Mathematics is also the building block of machine learning models. ML practitioners use mathematics to analyse a problem, pick out better heuristics, and club both to generate an answer. Despite the critical role mathematics plays in machine learning, even state-of-art models struggle at maths.
A new study by the researchers at the University of California, Berkeley, have now introduced the MATH dataset. The team said the dataset provides a detailed assessment of a model’s mathematical ability across difficulties and subjects.
What Is MATH Dataset?
The MATH dataset consists of 12,500 problems taken from various high school mathematics competitions. The dataset measures the problem-solving ability of large and general-purpose language models. A machine learning model generates a sequence for a given problem from the MATH dataset and encodes the final answer.
MATH problems are labelled from 1 to 5, depending on the difficulty level and span across seven subjects, including geometry, number theory, algebra calculus, statistics, and linear algebra. For problems of geometry, diagrams can be specified with the Asymptote language.
Since step-by-step solutions also accompany the problems, language models can learn to answer questions they haven’t been exposed to before. The step-by-step approach allows models to perform intermediate computations instead of giving the final answer immediately.
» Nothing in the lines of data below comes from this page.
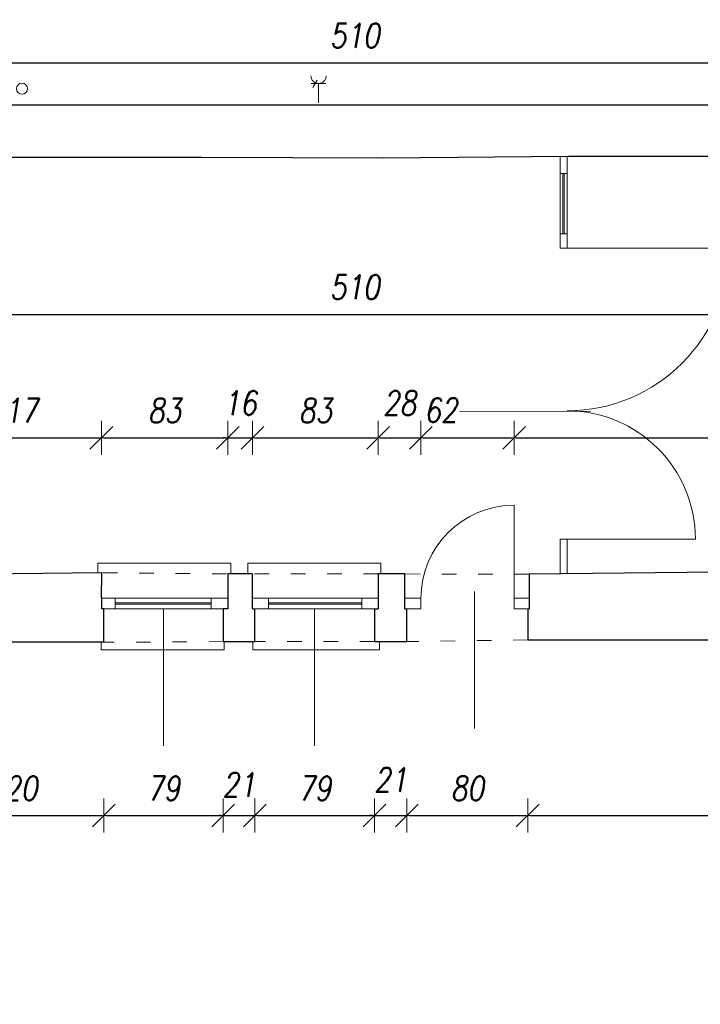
# Model space of a CAD drawing. Header units: millimetres. Extents: x -60479 to 14193, y -32440 to 949.
# Tile 48 of 68: x -24261 to -19767, y -13759 to -7253. Entities that reach past the tile are written whole.
import ezdxf

# ---------------------------------------------------------------- set-up
doc = ezdxf.new("R2010")
doc.units = ezdxf.units.MM
doc.header["$LTSCALE"] = 8
doc.linetypes.add('ACAD_ISO03W100', pattern=[30, 12, -18])
doc.layers.get('Defpoints').update_dxf_attribs({"lineweight": 0})
for name, color, linetype, lineweight in [('A_DIMEN', 7, 'Continuous', 0), ('instalacje', 6, 'Continuous', 0), ('parter_dzwi i okna', 3, 'Continuous', 0), ('parter_parapet', 6, 'Continuous', 0), ('parter_podciąg', 2, 'ACAD_ISO03W100', 0), ('parter_rzut', 7, 'Continuous', 30), ('wymiarowanie', 4, 'Continuous', 0)]:
    doc.layers.add(name, color=color, linetype=linetype, lineweight=lineweight)
doc.styles.add('ROMANS1', font='romans.shx', dxfattribs={"width": 0.8, "oblique": 10})
doc.dimstyles.new('NARCH100', dxfattribs={"dimscale": 100, "dimtxt": 1.6, "dimasz": 0.15, "dimexe": 0, "dimexo": 0, "dimgap": 1, "dimtad": 1, "dimdec": 0, "dimlfac": 0.1, "dimrnd": 1, "dimdsep": 46, "dimtxsty": 'ROMANS1', "dimblk": 'wym', "dimcen": -1.5, "dimse1": 1, "dimse2": 1, "dimclrd": 4, "dimclre": 4, "dimclrt": 3, "dimadec": 0, "dimazin": 0, "dimtfac": 0.04, "dimtdec": 0, "dimtmove": 2, "dimatfit": 3, "dimldrblk": 'wym', "dimfxl": 0, "dimtolj": 1, "dimarcsym": 0})

# ---------------------------------------------------------------- blocks, each defined once
blk = doc.blocks.new('wym')
at = {"layer": 'A_DIMEN', "color": 4, "ltscale": 100}
for p, q in [((-5, -5), (5, 5)), ((0, -7.5), (0, 7.5)), ((-5, 0), (5, 0))]:
    blk.add_line(p, q, dxfattribs=at)
blk = doc.blocks.new('*D393')
at = {"layer": 'Defpoints', "color": 0, "transparency": 16777216}
for p in [(-24911.2, -11367.2, 22637.2), (-23706.5, -11367.2, 22637.2), (-23706.5, -12512.1)]:
    blk.add_point(p, dxfattribs=at)
at = {"layer": 'instalacje', "color": 4, "lineweight": -2, "transparency": 16777216}
blk.add_line((-24896.2, -12512.1), (-23721.5, -12512.1), dxfattribs=at)
at = {"layer": 'instalacje', "color": 4, "lineweight": -2, "transparency": 16777216, "xscale": 15, "yscale": 15, "zscale": 15, "rotation": 179.9999999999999}
blk.add_blockref('wym', (-24911.2, -12512.1), dxfattribs=at)
at = {"layer": 'instalacje', "color": 4, "lineweight": -2, "transparency": 16777216, "xscale": 15, "yscale": 15, "zscale": 15}
blk.add_blockref('wym', (-23706.5, -12512.1), dxfattribs=at)
at = {"layer": 'instalacje', "color": 3, "transparency": 16777216, "insert": (-24308.8, -12332.1), "char_height": 160, "attachment_point": 5, "style": 'ROMANS1'}
blk.add_mtext('\\A1;120', dxfattribs=at)
blk = doc.blocks.new('*D394')
at = {"layer": 'Defpoints', "color": 0, "transparency": 16777216}
for p in [(-23706.5, -11367.2, 22637.2), (-22917, -11362.9), (-22917, -12512.1)]:
    blk.add_point(p, dxfattribs=at)
at = {"layer": 'instalacje', "color": 4, "lineweight": -2, "transparency": 16777216}
blk.add_line((-23691.5, -12512.1), (-22932, -12512.1), dxfattribs=at)
at = {"layer": 'instalacje', "color": 4, "lineweight": -2, "transparency": 16777216, "xscale": 15, "yscale": 15, "zscale": 15, "rotation": 179.9999999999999}
blk.add_blockref('wym', (-23706.5, -12512.1), dxfattribs=at)
at = {"layer": 'instalacje', "color": 4, "lineweight": -2, "transparency": 16777216, "xscale": 15, "yscale": 15, "zscale": 15}
blk.add_blockref('wym', (-22917, -12512.1), dxfattribs=at)
at = {"layer": 'instalacje', "color": 3, "transparency": 16777216, "insert": (-23311.7, -12332.1), "char_height": 160, "attachment_point": 5, "style": 'ROMANS1'}
blk.add_mtext('\\A1;79', dxfattribs=at)
blk = doc.blocks.new('*D395')
at = {"layer": 'Defpoints', "color": 0, "transparency": 16777216}
for p in [(-22917, -11362.9), (-22708.2, -11362.6), (-22708.2, -12512.1)]:
    blk.add_point(p, dxfattribs=at)
at = {"layer": 'instalacje', "color": 4, "lineweight": -2, "transparency": 16777216}
for p, q in [((-22932, -12512.1), (-22947, -12512.1)), ((-22917, -12512.1), (-22708.2, -12512.1)), ((-22693.2, -12512.1), (-22678.2, -12512.1))]:
    blk.add_line(p, q, dxfattribs=at)
at = {"layer": 'instalacje', "color": 4, "lineweight": -2, "transparency": 16777216, "xscale": 15, "yscale": 15, "zscale": 15}
for p, rotation in [((-22917, -12512.1), 359.9999999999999), ((-22708.2, -12512.1), 179.9999999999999)]:
    blk.add_blockref('wym', p, dxfattribs=dict(at, rotation=rotation))
at = {"layer": 'instalacje', "color": 3, "transparency": 16777216, "insert": (-22812.6, -12308.8), "char_height": 160, "attachment_point": 5, "style": 'ROMANS1'}
blk.add_mtext('\\A1;21', dxfattribs=at)
blk = doc.blocks.new('*D396')
at = {"layer": 'Defpoints', "color": 0, "transparency": 16777216}
for p in [(-22708.2, -11362.6), (-21918.8, -11362.9), (-21918.8, -12512.1)]:
    blk.add_point(p, dxfattribs=at)
at = {"layer": 'instalacje', "color": 4, "lineweight": -2, "transparency": 16777216}
blk.add_line((-22693.2, -12512.1), (-21933.8, -12512.1), dxfattribs=at)
at = {"layer": 'instalacje', "color": 4, "lineweight": -2, "transparency": 16777216, "xscale": 15, "yscale": 15, "zscale": 15, "rotation": 179.9999999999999}
blk.add_blockref('wym', (-22708.2, -12512.1), dxfattribs=at)
at = {"layer": 'instalacje', "color": 4, "lineweight": -2, "transparency": 16777216, "xscale": 15, "yscale": 15, "zscale": 15}
blk.add_blockref('wym', (-21918.8, -12512.1), dxfattribs=at)
at = {"layer": 'instalacje', "color": 3, "transparency": 16777216, "insert": (-22313.5, -12332.1), "char_height": 160, "attachment_point": 5, "style": 'ROMANS1'}
blk.add_mtext('\\A1;79', dxfattribs=at)
blk = doc.blocks.new('*D397')
at = {"layer": 'Defpoints', "color": 0, "transparency": 16777216}
for p in [(-21918.8, -11362.9), (-21704.4, -11362.1), (-21704.4, -12512.1)]:
    blk.add_point(p, dxfattribs=at)
at = {"layer": 'instalacje', "color": 4, "lineweight": -2, "transparency": 16777216}
for p, q in [((-21933.8, -12512.1), (-21948.8, -12512.1)), ((-21918.8, -12512.1), (-21704.4, -12512.1)), ((-21689.4, -12512.1), (-21674.4, -12512.1))]:
    blk.add_line(p, q, dxfattribs=at)
at = {"layer": 'instalacje', "color": 4, "lineweight": -2, "transparency": 16777216, "xscale": 15, "yscale": 15, "zscale": 15}
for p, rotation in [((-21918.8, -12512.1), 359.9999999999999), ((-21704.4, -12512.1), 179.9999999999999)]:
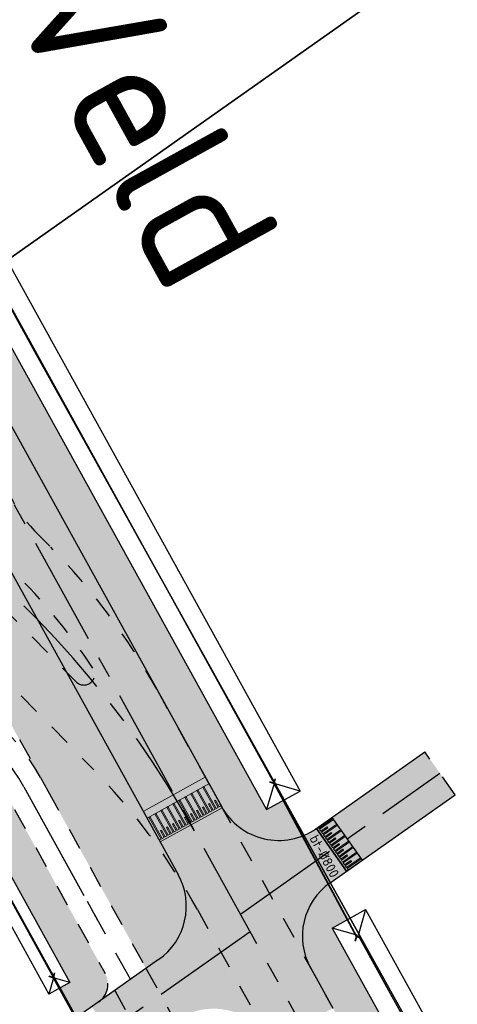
# Model space of a CAD drawing. Header units: metres. Extents: x 149090 to 161988, y 479090 to 487021.
# Tile 33 of 72: x 149391 to 149431, y 486446 to 486537. Entities that reach past the tile are written whole.
import ezdxf
from ezdxf.enums import TextEntityAlignment as Align

# ---------------------------------------------------------------- set-up
doc = ezdxf.new("R2010")
doc.units = ezdxf.units.M
doc.linetypes.add('AM-AS', pattern=[16, 10, -2, 2, -2])
doc.linetypes.add('XX-HIDDEN', pattern=[4, 2, -2])
doc.layers.get('0').update_dxf_attribs({"lineweight": 25})
doc.layers.get('Defpoints').update_dxf_attribs({"color": 211, "lineweight": 25})
for name, color, linetype, lineweight, true_color in [('B-WE-KG-GRENS_PERCEEL-GV', 1, 'Continuous', 30, 0xff0000), ('IRP-V-verharding-rijbaan', 7, 'Continuous', 0, 0xffb061), ('N-WE-GR-STADSLANDBOUW-A', 7, 'Continuous', 35, 0xffff9e), ('N-WE-KW-KUNSTWERK_DUIKER-HOLD-S', 1, 'Continuous', 35, 0xff0000), ('N-WE-KW-KUNSTWERK_DUIKER-S', 5, 'Continuous', 35, 0x0000ff), ('N-WE-RI-VWA_RIOOLPUT-S', 20, 'Continuous', 25, 0xff3f00)]:
    doc.layers.add(name, color=color, linetype=linetype, lineweight=lineweight, true_color=true_color)
for name, color, linetype, lineweight in [('N-WE-AM-AS_FIETSPAD-G', 3, 'AM-AS', 30), ('N-WE-AM-AS_KAVELWEG-G', 170, 'AM-AS', 30), ('N-WE-AM-AS_WEG-G', 10, 'AM-AS', 30), ('N-WE-VH-KANTOPSLUITING_VOORKANTBAND-G', 190, 'Continuous', 30), ('N-WE-VH-KANTVERHARDING-G', 7, 'Continuous', 30), ('N-WE-VH-MATERIAALGRENS-G', 7, 'XX-HIDDEN', 25), ('N-WE-VH-VERHARDING_ASFALT-A', 252, 'Continuous', 18), ('VRK-ontwerp', 2, 'Continuous', 0), ('X-XX-AL-M', 7, 'Continuous', 18)]:
    doc.layers.add(name, color=color, linetype=linetype, lineweight=lineweight)
doc.styles.add('NLCS-ISO-M1000-T50', font='NLCS-ISO.ttf')
doc.styles.add('NLCS-ISO-M2000-T25', font='NLCS-ISO.ttf')
doc.styles.add('NLCS-ISO-M500-T18', font='NLCS-ISO.ttf')
doc.dimstyles.new('NLCS-M500-T18-PIJL-X_L2_H1', dxfattribs={"dimscale": 0.5, "dimtxt": 1.8, "dimasz": 1.8, "dimexe": 2, "dimexo": 2, "dimgap": 0.7, "dimtad": 1, "dimzin": 0, "dimdsep": 46, "dimtxsty": 'NLCS-ISO-M500-T18', "dimcen": 0, "dimdle": 2, "dimclrd": 256, "dimclre": 256, "dimclrt": 256, "dimadec": 1, "dimazin": 0, "dimtfac": 1, "dimtofl": 0, "dimtmove": 1, "dimatfit": 0, "dimfxl": 2, "dimfxlon": 1, "dimtfill": 1, "dimtfillclr": 254, "dimtolj": 1, "dimtzin": 0, "dimlwd": 18, "dimlwe": 18, "dimarcsym": 0})

# ---------------------------------------------------------------- blocks, each defined once
blk = doc.blocks.new('*U393')
at = {"layer": 'N-WE-KW-KUNSTWERK_DUIKER-S', "color": 0}
for points in [[(-0.8493030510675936, 0.7750000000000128), (2.842170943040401e-14, 1.4210854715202e-14), (-0.8493030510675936, -0.7749999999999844)], [(2.842170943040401e-14, 1.4210854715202e-14), (39.83052493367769, 1.4210854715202e-14)], [(40.67982798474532, 0.7750000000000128), (39.83052493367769, 1.4210854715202e-14), (40.67982798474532, -0.7749999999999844)]]:
    blk.add_lwpolyline(points, dxfattribs=at)
at = {"color": 0, "style": 'NLCS-ISO-M2000-T25'}
blk.add_attdef('DUIKERNR', text='', height=7, dxfattribs=at).set_placement((0.8493030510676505, 1.4210854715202e-14), align=Align.BOTTOM_CENTER)
blk = doc.blocks.new('*U400')
at = {"layer": 'N-WE-KW-KUNSTWERK_DUIKER-S', "color": 0}
for points in [[(-0.8493030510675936, 0.7750000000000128), (2.842170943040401e-14, 1.4210854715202e-14), (-0.8493030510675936, -0.7749999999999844)], [(2.842170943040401e-14, 1.4210854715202e-14), (34.93178817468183, 1.4210854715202e-14)], [(35.78109122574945, 0.7750000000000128), (34.93178817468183, 1.4210854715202e-14), (35.78109122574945, -0.7749999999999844)]]:
    blk.add_lwpolyline(points, dxfattribs=at)
at = {"color": 0, "style": 'NLCS-ISO-M2000-T25'}
blk.add_attdef('DUIKERNR', text='', height=7, dxfattribs=at).set_placement((0.8493030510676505, 1.4210854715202e-14), align=Align.BOTTOM_CENTER)
blk = doc.blocks.new('*D317')
at = {"layer": 'Defpoints', "color": 0, "transparency": 16777216}
for p in [(149419.7903051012, 486446.0435658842), (149416.9457898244, 486444.4715503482)]:
    blk.add_point(p, dxfattribs=at)
at = {"layer": 'X-XX-AL-M', "linetype": 'Continuous', "lineweight": 18, "transparency": 16777216}
for p, q in [((149390.0703274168, 486499.820980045), (149389.102933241, 486501.5714509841)), ((149387.5298269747, 486499.5595273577), (149388.7989184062, 486500.2608881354)), ((149387.22581214, 486498.248964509), (149386.2584179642, 486499.9994354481))]:
    blk.add_line(p, q, dxfattribs=at)
at = {"layer": 'X-XX-AL-M', "transparency": 16777216, "insert": (149387.77741502, 486500.6103961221), "char_height": 0.9, "attachment_point": 5, "rotation": 28.927144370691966, "style": 'NLCS-ISO-M500-T18', "bg_fill": 3, "box_fill_scale": 1.1, "bg_fill_color": 256, "bg_fill_true_color": 13158600, "bg_fill_transparency": 0}
blk.add_mtext('\\A1;3.25', dxfattribs=at)
at = {"layer": 'Defpoints', "color": 0, "transparency": 16777216}
blk.add_point((149389.5866303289, 486500.6962155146), dxfattribs=at)
at = {"layer": 'X-XX-AL-M', "transparency": 16777216}
for points in [[(149388.726363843, 486500.3921734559), (149388.8714729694, 486500.129602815), (149389.5866303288, 486500.6962155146)], [(149387.4572724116, 486499.6908126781), (149387.6023815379, 486499.4282420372), (149386.7421150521, 486499.1241999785)]]:
    blk.add_solid(points, dxfattribs=at)
blk = doc.blocks.new('*D318')
at = {"layer": 'Defpoints', "color": 0, "transparency": 16777216}
blk.add_point((149416.9457592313, 486444.4716057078), dxfattribs=at)
at = {"layer": 'X-XX-AL-M', "linetype": 'Continuous', "lineweight": 18, "transparency": 16777216}
for p, q in [((149387.2258121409, 486498.2489645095), (149386.2584179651, 486499.9994354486)), ((149385.9544031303, 486498.6888726), (149384.681590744, 486497.9854554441)), ((149383.8938788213, 486497.5501280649), (149384.3775759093, 486496.6748925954))]:
    blk.add_line(p, q, dxfattribs=at)
at = {"layer": 'X-XX-AL-M', "transparency": 16777216, "insert": (149384.9310392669, 486499.0373523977), "char_height": 0.9, "attachment_point": 5, "rotation": 28.927144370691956, "style": 'NLCS-ISO-M500-T18', "bg_fill": 3, "box_fill_scale": 1.1, "bg_fill_color": 256, "bg_fill_true_color": 13158600, "bg_fill_transparency": 0}
blk.add_mtext('\\A1;3.25', dxfattribs=at)
at = {"layer": 'Defpoints', "color": 0, "transparency": 16777216}
for p in [(149383.4514114, 486498.3507596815), (149383.8938788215, 486497.5501280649)]:
    blk.add_point(p, dxfattribs=at)
at = {"layer": 'X-XX-AL-M', "transparency": 16777216}
for points in [[(149385.8818485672, 486498.8201579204), (149386.0269576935, 486498.5575872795), (149386.7421150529, 486499.124199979)], [(149384.6090361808, 486498.1167407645), (149384.7541453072, 486497.8541701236), (149383.8938788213, 486497.5501280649)]]:
    blk.add_solid(points, dxfattribs=at)
blk = doc.blocks.new('*U327')
at = {"layer": 'VRK-ontwerp'}
blk.add_hatch(color=7, dxfattribs=at).paths.add_polyline_path([(6.5, 3.199999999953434), (6.50000000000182, 2.999999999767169), (6.299999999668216, 2.999999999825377), (6.2999999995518, 0.7000000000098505), (6.194999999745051, 0.7000000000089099), (6.194999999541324, 2.999999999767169), (5.984999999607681, 2.999999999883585), (5.984999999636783, 2.299999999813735), (5.879999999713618, 2.299999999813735), (5.879999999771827, 2.999999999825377), (5.669999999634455, 2.999999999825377), (5.669999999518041, 0.7000000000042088), (5.564999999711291, 0.7000000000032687), (5.564999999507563, 2.999999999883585), (5.35499999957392, 3), (5.354999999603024, 2.299999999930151), (5.249999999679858, 2.299999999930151), (5.249999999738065, 2.999999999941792), (5.039999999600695, 2.999999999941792), (5.03999999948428, 0.6999999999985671), (4.93499999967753, 0.699999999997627), (4.934999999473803, 2.999999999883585), (4.72499999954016, 3), (4.724999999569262, 2.299999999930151), (4.619999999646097, 2.299999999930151), (4.619999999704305, 2.999999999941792), (4.409999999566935, 2.999999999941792), (4.409999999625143, 0.6999999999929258), (4.304999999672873, 0.6999999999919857), (4.304999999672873, 2.999999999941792), (4.094999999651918, 3), (4.094999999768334, 2.299999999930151), (3.989999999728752, 2.299999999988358), (3.989999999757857, 3), (3.77999999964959, 2.999999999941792), (3.779999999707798, 0.6999999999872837), (3.674999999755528, 0.6999999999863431), (3.67499999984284, 2.999999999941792), (3.464999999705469, 2.999999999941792), (3.464999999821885, 2.299999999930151), (3.359999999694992, 2.300000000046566), (3.359999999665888, 2.999999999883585), (3.149999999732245, 2.999999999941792), (3.149999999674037, 0.699999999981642), (3.044999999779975, 0.6999999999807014), (3.044999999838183, 2.999999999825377), (2.834999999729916, 2.999999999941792), (2.83499999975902, 2.299999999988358), (2.729999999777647, 2.299999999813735), (2.729999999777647, 3), (2.519999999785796, 3), (2.51999999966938, 0.6999999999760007), (2.414999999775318, 0.6999999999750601), (2.414999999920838, 2.999999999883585), (2.204999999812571, 3.000000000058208), (2.204999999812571, 2.299999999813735), (2.099999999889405, 2.299999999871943), (2.099999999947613, 3.000000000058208), (1.889999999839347, 3.000000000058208), (1.889999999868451, 0.699999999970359), (1.784999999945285, 0.6999999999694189), (1.785000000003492, 3.000000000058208), (1.574999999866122, 3.000000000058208), (1.57499999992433, 2.299999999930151), (1.469999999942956, 2.299999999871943), (1.469999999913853, 3), (1.259999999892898, 2.999999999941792), (1.259999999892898, 0.6999999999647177), (1.154999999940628, 0.6999999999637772), (1.155000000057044, 3), (0.9449999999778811, 3), (0.9449999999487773, 2.299999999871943), (0.8399999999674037, 2.300000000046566), (0.8400000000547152, 3), (0.6300000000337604, 2.999999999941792), (0.6299999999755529, 0.6999999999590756), (0.5250000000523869, 0.699999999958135), (0.5249999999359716, 3), (0.3150000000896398, 3), (0.315000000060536, 2.299999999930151), (0.2099999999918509, 2.299999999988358), (0.2100000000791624, 3), (8.185452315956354e-11, 2.999999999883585), (8.731171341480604e-11, 3.199999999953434)])
at = {"layer": 'VRK-ontwerp', "true_color": 0x636466, "transparency": 33554602}
for points in [[(0.5250000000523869, 0.6999999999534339), (2.91038304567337e-11, 0.6999999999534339), (8.731149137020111e-11, 2.999999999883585), (0.2100000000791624, 3), (0.2099999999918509, 2.299999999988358), (0.315000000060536, 2.299999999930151), (0.3150000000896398, 3), (0.5249999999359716, 3)], [(1.154999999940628, 0.6999999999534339), (0.6299999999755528, 0.6999999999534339), (0.6300000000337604, 2.999999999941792), (0.8400000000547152, 3), (0.8399999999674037, 2.300000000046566), (0.9449999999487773, 2.299999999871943), (0.9449999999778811, 3), (1.155000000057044, 3)], [(1.784999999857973, 0.6999999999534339), (1.259999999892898, 0.6999999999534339), (1.259999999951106, 2.999999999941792), (1.46999999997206, 3), (1.469999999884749, 2.300000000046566), (1.574999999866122, 2.299999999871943), (1.574999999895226, 3), (1.784999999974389, 3)], [(2.414999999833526, 0.6999999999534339), (1.889999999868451, 0.6999999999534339), (1.889999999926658, 2.999999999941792), (2.099999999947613, 3), (2.099999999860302, 2.300000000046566), (2.204999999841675, 2.299999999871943), (2.204999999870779, 3), (2.414999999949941, 3)], [(3.044999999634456, 0.6999999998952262), (2.51999999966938, 0.6999999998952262), (2.519999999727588, 2.999999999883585), (2.729999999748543, 2.999999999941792), (2.729999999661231, 2.299999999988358), (2.834999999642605, 2.299999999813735), (2.834999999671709, 2.999999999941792), (3.044999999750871, 2.999999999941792)], [(3.674999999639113, 0.6999999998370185), (3.149999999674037, 0.6999999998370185), (3.149999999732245, 2.999999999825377), (3.3599999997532, 2.999999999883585), (3.359999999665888, 2.299999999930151), (3.464999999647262, 2.299999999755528), (3.464999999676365, 2.999999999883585), (3.674999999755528, 2.999999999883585)], [(4.304999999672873, 0.7000000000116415), (3.779999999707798, 0.7000000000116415), (3.779999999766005, 3), (3.98999999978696, 3.000000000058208), (3.989999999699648, 2.300000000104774), (4.094999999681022, 2.299999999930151), (4.094999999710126, 3.000000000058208), (4.304999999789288, 3.000000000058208)], [(4.934999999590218, 0.7000000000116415), (4.409999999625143, 0.7000000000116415), (4.40999999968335, 3), (4.619999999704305, 3.000000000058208), (4.619999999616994, 2.300000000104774), (4.724999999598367, 2.299999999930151), (4.724999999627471, 3.000000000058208), (4.934999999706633, 3.000000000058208)], [(5.564999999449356, 0.6999999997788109), (5.03999999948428, 0.6999999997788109), (5.039999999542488, 2.999999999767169), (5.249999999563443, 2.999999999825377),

Recognising the need to train the model on maths fundamentals before exposing to MATH that cover advanced problem-solving techniques, the team also released the Auxiliary Mathematics Problems and Solutions (AMPS). The ‘pretraining corpus’ has over 100,000 problems from Khan Academy with solutions and 5 million problems, based on 100 hand-designed modules, generated using Mathematica scripts.
When the MATH dataset was tested for large language models, including GPT-3, the accuracies were found to be abysmally low, ranging from 2.9 percent to 6.9 percent. However, on the flip side, the models achieved up to 15 percent accuracy on the easiest level. When evaluated on humans, a PhD student with no specialisation in Mathematics attained 40 percent, while a three-time Olympiad gold medalist scored 90 percent.
Further, having the models generate a step-by-step solution before producing the final answer reduced accuracy. This was because, while many of these steps were related to the question, they were not logical.
The researchers found simply increasing the amount of training time, and the parameters proved extremely costly, although they did improve performance in a few cases. The researchers have open-sourced both MATH and AMPS to encourage and facilitate further research in this direction.
OpenAI recently introduced GPT-f, an automated prover and proof assistant for the Metamath formalisation language. Metamath is a language that expresses theorems in abstract mathematics along with proofs that a computer program can validate.
Last year, Facebook built an AI system that can solve complex mathematical problems using symbolic reasoning. The team gave a system to represent mathematical expressions as a language and then treating the solutions as a translation problem for sequence-to-sequence neural networks.
While most other text-based tasks are already nearly solved by enormous Transformers, MATH is notably different. We showed that accuracy is slowly increasing and, if trends continue, the community will need to discover conceptual and algorithmic breakthroughs to attain strong performance on MATH, the researchers stated.